# Fantasy football



## georgiadad (Aug 18, 2018)

Is there any interest in fantasy football this year. Lawn Nutz3 may be looking for players this season.


----------



## georgiadad (Aug 18, 2018)

No interest in fantasy football this season? Bueller? Bueller?


----------



## g-man (Jun 15, 2017)

Wait, they are still playing football this year?


----------



## turfnsurf (Apr 29, 2020)

I am interested.


----------



## jrubb42 (Jun 20, 2019)

I've been looking for another league to get into. I'm down if you still have spots available.


----------



## CTTurfDad (Jun 12, 2019)

Same here! My league is taking a hiatus this year. If you have room, I'll join!


----------



## FATC1TY (Jul 12, 2017)

Interested as well, hopefully on the espn app or something ?


----------



## georgiadad (Aug 18, 2018)

It's a Yahoo league. It is not a cash league. It's just for fun. It does have an app..


----------



## bigmks (May 22, 2018)

anyone doing a league on yahoo? I'm interested if so


----------



## Nick2879 (May 21, 2019)

If be interested in a simple redraft league. 
If we can get 10-12 I don't mind setting it up on yahoo.


----------



## turfnsurf (Apr 29, 2020)

I am willing as well.


----------



## bigmks (May 22, 2018)

@turfnsurf @CTTurfDad 
We have two spots on a yahoo league I play on.
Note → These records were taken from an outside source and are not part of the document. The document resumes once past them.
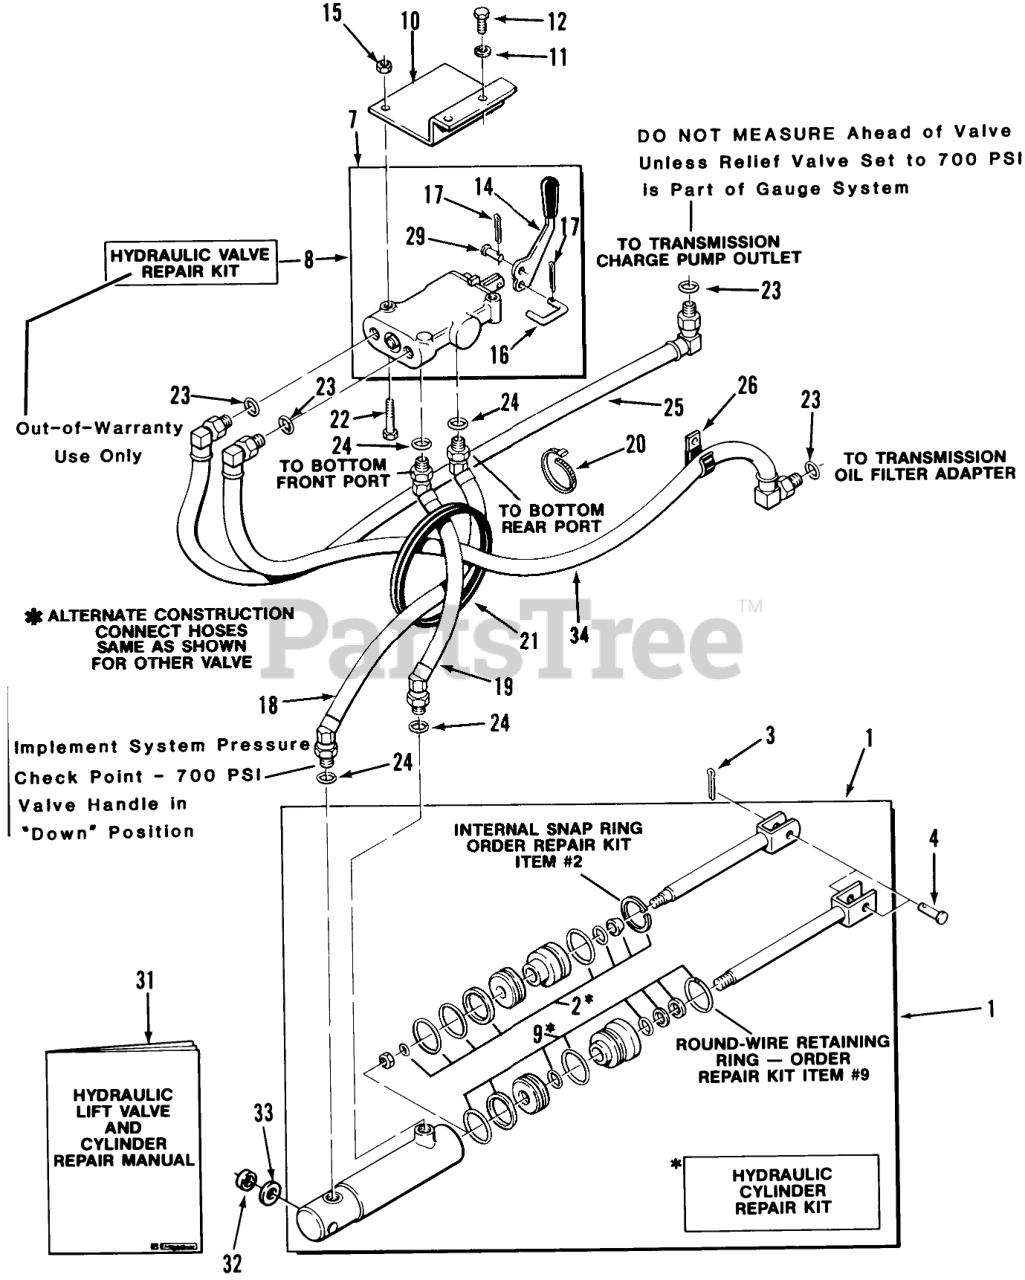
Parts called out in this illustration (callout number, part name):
1	CYLINDER
2	S/A O-RING&GASKET AS
4	CLEVIS PIN
7	Hydraulic Valve
8	S/A 110068 VALVE
9	S/A 108872 HYD CYL
10	ASSY VALVE SUPPOR B
11	Lockwasher
12	Bolt
14	VALVE HANDLE
15	Nut
16	C-HOOK
17	Cotter Pin
18	Hose ASM-Hydraulic
19	Hose ASM-Hydraulic
20	PLASTIC TIE
21	GROMMET
22	Bolt 1/4-20 x 2
23	0-Ring
24	O RING
25	ASSY HOSE HYDRAULIC
26	CLIP
29	Pin
31	Repair Manual
32	Spacer
33	WASHER
34	ASSY HYD HOSE
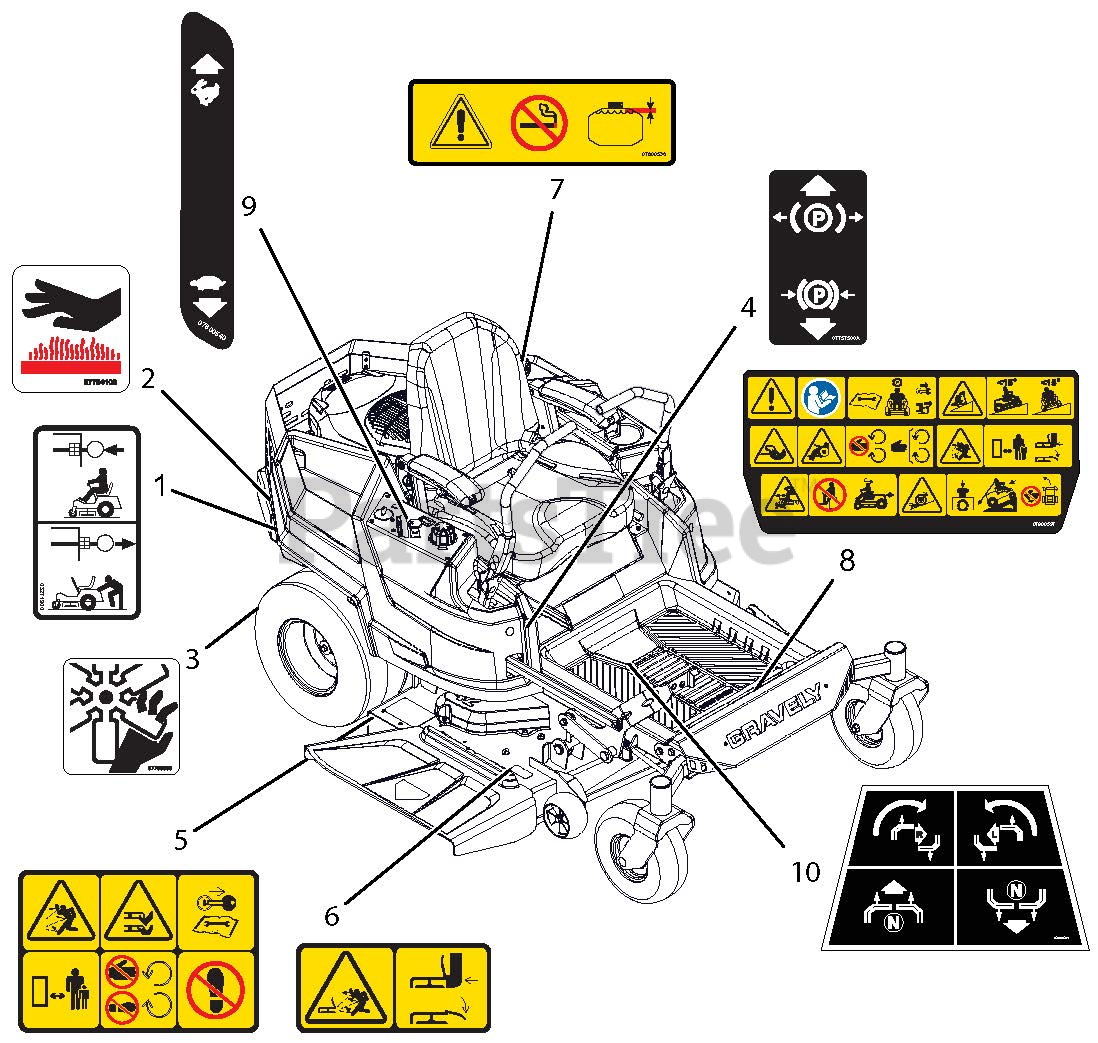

DM me a message so I pass along your email to get added to the league. Any others interested? Just in case ?


----------



## turfnsurf (Apr 29, 2020)

bigmks said:


> @turfnsurf @CTTurfDad
> We have two spots on a yahoo league I play on. DM me a message so I pass along your email to get added to the league. Any others interested? Just in case ?


@bigmks DM is sent!


----------